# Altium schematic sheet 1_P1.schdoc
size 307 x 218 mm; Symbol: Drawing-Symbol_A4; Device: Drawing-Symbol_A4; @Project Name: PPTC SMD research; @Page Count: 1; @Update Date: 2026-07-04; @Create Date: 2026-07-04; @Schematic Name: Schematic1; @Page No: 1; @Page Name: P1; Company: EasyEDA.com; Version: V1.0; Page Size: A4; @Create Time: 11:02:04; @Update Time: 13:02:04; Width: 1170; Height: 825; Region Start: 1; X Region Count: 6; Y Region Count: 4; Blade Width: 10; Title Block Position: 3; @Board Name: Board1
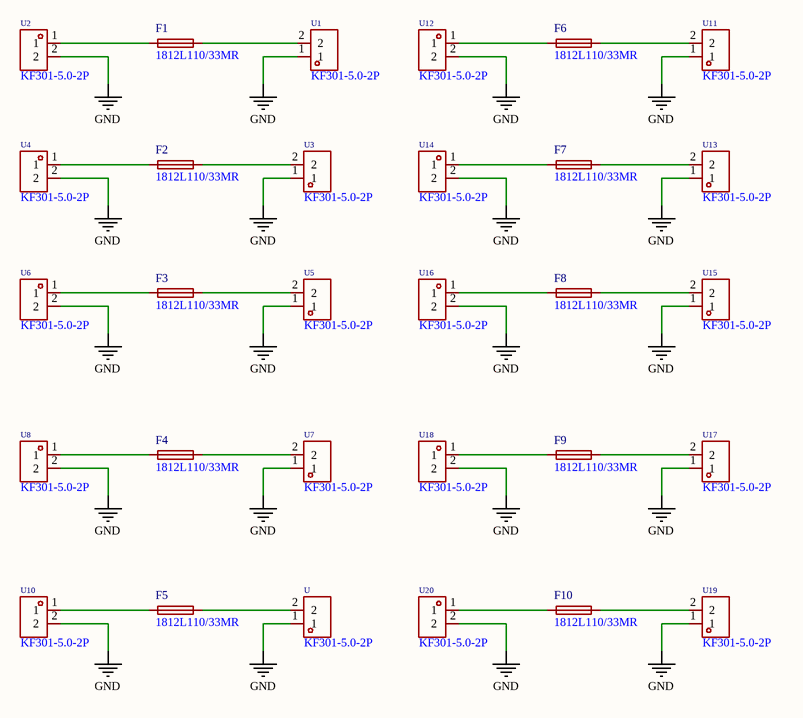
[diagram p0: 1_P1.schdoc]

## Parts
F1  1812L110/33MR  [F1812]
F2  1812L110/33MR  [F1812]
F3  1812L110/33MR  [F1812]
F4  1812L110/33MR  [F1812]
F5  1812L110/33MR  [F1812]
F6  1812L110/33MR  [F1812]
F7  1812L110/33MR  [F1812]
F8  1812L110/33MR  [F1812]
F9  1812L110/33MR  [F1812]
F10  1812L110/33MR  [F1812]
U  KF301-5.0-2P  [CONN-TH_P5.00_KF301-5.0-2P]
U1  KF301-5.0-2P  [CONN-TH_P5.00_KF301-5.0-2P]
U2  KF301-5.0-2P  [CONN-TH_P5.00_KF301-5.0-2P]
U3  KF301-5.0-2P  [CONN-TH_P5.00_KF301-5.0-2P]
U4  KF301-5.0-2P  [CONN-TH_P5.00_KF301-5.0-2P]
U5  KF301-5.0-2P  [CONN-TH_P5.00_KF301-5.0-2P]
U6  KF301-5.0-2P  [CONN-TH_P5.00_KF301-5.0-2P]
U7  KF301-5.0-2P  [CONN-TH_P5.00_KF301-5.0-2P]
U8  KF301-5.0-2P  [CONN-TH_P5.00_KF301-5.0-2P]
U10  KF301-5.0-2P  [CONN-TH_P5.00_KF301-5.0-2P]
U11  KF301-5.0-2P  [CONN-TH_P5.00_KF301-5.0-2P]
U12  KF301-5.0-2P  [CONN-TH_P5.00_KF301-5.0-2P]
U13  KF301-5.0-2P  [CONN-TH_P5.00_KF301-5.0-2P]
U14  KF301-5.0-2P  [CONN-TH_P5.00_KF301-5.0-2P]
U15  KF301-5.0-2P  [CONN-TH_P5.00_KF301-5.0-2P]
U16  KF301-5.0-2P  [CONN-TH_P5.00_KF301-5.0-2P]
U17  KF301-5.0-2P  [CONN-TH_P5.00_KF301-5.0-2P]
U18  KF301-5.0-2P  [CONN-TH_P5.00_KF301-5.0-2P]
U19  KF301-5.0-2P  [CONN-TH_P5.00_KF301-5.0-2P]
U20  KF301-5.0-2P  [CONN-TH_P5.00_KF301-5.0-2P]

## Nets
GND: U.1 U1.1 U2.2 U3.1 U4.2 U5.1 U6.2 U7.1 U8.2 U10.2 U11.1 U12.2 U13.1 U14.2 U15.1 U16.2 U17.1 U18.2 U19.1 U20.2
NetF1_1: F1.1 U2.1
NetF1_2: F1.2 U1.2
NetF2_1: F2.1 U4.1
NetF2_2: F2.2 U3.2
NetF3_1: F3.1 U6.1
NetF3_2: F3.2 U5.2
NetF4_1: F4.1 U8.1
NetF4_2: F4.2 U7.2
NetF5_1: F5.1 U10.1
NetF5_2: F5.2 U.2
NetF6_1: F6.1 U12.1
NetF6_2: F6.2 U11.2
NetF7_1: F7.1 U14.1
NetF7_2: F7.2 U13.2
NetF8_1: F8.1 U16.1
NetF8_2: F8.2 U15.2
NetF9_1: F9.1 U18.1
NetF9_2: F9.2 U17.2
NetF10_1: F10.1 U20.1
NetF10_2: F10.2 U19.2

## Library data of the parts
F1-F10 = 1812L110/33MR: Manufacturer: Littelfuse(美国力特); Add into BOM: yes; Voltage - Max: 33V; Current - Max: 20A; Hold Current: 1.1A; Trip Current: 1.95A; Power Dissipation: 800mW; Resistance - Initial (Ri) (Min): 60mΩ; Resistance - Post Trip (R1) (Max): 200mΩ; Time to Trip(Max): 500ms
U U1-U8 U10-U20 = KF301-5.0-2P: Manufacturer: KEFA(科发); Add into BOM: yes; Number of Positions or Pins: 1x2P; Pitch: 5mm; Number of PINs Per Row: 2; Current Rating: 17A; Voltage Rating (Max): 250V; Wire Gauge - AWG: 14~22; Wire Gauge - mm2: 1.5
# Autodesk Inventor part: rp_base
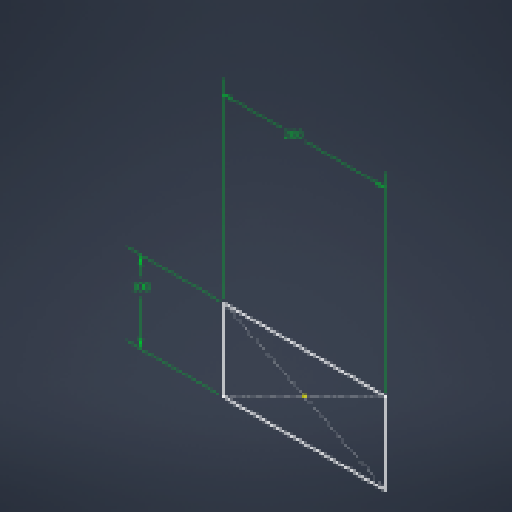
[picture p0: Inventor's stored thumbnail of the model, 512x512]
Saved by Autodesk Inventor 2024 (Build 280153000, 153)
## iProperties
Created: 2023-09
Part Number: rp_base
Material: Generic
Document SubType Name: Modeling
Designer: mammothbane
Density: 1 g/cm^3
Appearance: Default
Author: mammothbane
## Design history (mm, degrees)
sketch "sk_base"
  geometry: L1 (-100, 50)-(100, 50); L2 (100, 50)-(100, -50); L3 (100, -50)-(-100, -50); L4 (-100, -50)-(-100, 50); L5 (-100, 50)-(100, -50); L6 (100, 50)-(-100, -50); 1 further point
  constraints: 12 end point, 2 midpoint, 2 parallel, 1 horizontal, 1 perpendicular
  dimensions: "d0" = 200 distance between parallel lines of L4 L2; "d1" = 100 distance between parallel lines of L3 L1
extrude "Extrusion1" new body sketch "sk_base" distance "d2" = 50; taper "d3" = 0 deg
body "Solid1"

+ + +

_What is being asked_
Omitting all images, print the listing exactly.

_Answer for this exercise_
# Altium schematic sheet 1_P1.schdoc
size 307 x 218 mm; Symbol: Drawing-Symbol_A4; Device: Drawing-Symbol_A4; @Project Name: PPTC SMD research; @Page Count: 1; @Update Date: 2026-07-04; @Create Date: 2026-07-04; @Schematic Name: Schematic1; @Page No: 1; @Page Name: P1; Company: EasyEDA.com; Version: V1.0; Page Size: A4; @Create Time: 11:02:04; @Update Time: 13:02:04; Width: 1170; Height: 825; Region Start: 1; X Region Count: 6; Y Region Count: 4; Blade Width: 10; Title Block Position: 3; @Board Name: Board1
[diagram p0: 1_P1.schdoc]

## Parts
F1  1812L110/33MR  [F1812]
F2  1812L110/33MR  [F1812]
F3  1812L110/33MR  [F1812]
F4  1812L110/33MR  [F1812]
F5  1812L110/33MR  [F1812]
F6  1812L110/33MR  [F1812]
F7  1812L110/33MR  [F1812]
F8  1812L110/33MR  [F1812]
F9  1812L110/33MR  [F1812]
F10  1812L110/33MR  [F1812]
U  KF301-5.0-2P  [CONN-TH_P5.00_KF301-5.0-2P]
U1  KF301-5.0-2P  [CONN-TH_P5.00_KF301-5.0-2P]
U2  KF301-5.0-2P  [CONN-TH_P5.00_KF301-5.0-2P]
U3  KF301-5.0-2P  [CONN-TH_P5.00_KF301-5.0-2P]
U4  KF301-5.0-2P  [CONN-TH_P5.00_KF301-5.0-2P]
U5  KF301-5.0-2P  [CONN-TH_P5.00_KF301-5.0-2P]
U6  KF301-5.0-2P  [CONN-TH_P5.00_KF301-5.0-2P]
U7  KF301-5.0-2P  [CONN-TH_P5.00_KF301-5.0-2P]
U8  KF301-5.0-2P  [CONN-TH_P5.00_KF301-5.0-2P]
U10  KF301-5.0-2P  [CONN-TH_P5.00_KF301-5.0-2P]
U11  KF301-5.0-2P  [CONN-TH_P5.00_KF301-5.0-2P]
U12  KF301-5.0-2P  [CONN-TH_P5.00_KF301-5.0-2P]
U13  KF301-5.0-2P  [CONN-TH_P5.00_KF301-5.0-2P]
U14  KF301-5.0-2P  [CONN-TH_P5.00_KF301-5.0-2P]
U15  KF301-5.0-2P  [CONN-TH_P5.00_KF301-5.0-2P]
U16  KF301-5.0-2P  [CONN-TH_P5.00_KF301-5.0-2P]
U17  KF301-5.0-2P  [CONN-TH_P5.00_KF301-5.0-2P]
U18  KF301-5.0-2P  [CONN-TH_P5.00_KF301-5.0-2P]
U19  KF301-5.0-2P  [CONN-TH_P5.00_KF301-5.0-2P]
U20  KF301-5.0-2P  [CONN-TH_P5.00_KF301-5.0-2P]

## Nets
GND: U.1 U1.1 U2.2 U3.1 U4.2 U5.1 U6.2 U7.1 U8.2 U10.2 U11.1 U12.2 U13.1 U14.2 U15.1 U16.2 U17.1 U18.2 U19.1 U20.2
NetF1_1: F1.1 U2.1
NetF1_2: F1.2 U1.2
NetF2_1: F2.1 U4.1
NetF2_2: F2.2 U3.2
NetF3_1: F3.1 U6.1
NetF3_2: F3.2 U5.2
NetF4_1: F4.1 U8.1
NetF4_2: F4.2 U7.2
NetF5_1: F5.1 U10.1
NetF5_2: F5.2 U.2
NetF6_1: F6.1 U12.1
NetF6_2: F6.2 U11.2
NetF7_1: F7.1 U14.1
NetF7_2: F7.2 U13.2
NetF8_1: F8.1 U16.1
NetF8_2: F8.2 U15.2
NetF9_1: F9.1 U18.1
NetF9_2: F9.2 U17.2
NetF10_1: F10.1 U20.1
NetF10_2: F10.2 U19.2

## Library data of the parts
F1-F10 = 1812L110/33MR: Manufacturer: Littelfuse(美国力特); Add into BOM: yes; Voltage - Max: 33V; Current - Max: 20A; Hold Current: 1.1A; Trip Current: 1.95A; Power Dissipation: 800mW; Resistance - Initial (Ri) (Min): 60mΩ; Resistance - Post Trip (R1) (Max): 200mΩ; Time to Trip(Max): 500ms
U U1-U8 U10-U20 = KF301-5.0-2P: Manufacturer: KEFA(科发); Add into BOM: yes; Number of Positions or Pins: 1x2P; Pitch: 5mm; Number of PINs Per Row: 2; Current Rating: 17A; Voltage Rating (Max): 250V; Wire Gauge - AWG: 14~22; Wire Gauge - mm2: 1.5
# Autodesk Inventor part: rp_base
[picture p0: Inventor's stored thumbnail of the model, 512x512]
Saved by Autodesk Inventor 2024 (Build 280153000, 153)
## iProperties
Created: 2023-09
Part Number: rp_base
Material: Generic
Document SubType Name: Modeling
Designer: mammothbane
Density: 1 g/cm^3
Appearance: Default
Author: mammothbane
## Design history (mm, degrees)
sketch "sk_base"
  geometry: L1 (-100, 50)-(100, 50); L2 (100, 50)-(100, -50); L3 (100, -50)-(-100, -50); L4 (-100, -50)-(-100, 50); L5 (-100, 50)-(100, -50); L6 (100, 50)-(-100, -50); 1 further point
  constraints: 12 end point, 2 midpoint, 2 parallel, 1 horizontal, 1 perpendicular
  dimensions: "d0" = 200 distance between parallel lines of L4 L2; "d1" = 100 distance between parallel lines of L3 L1
extrude "Extrusion1" new body sketch "sk_base" distance "d2" = 50; taper "d3" = 0 deg
body "Solid1"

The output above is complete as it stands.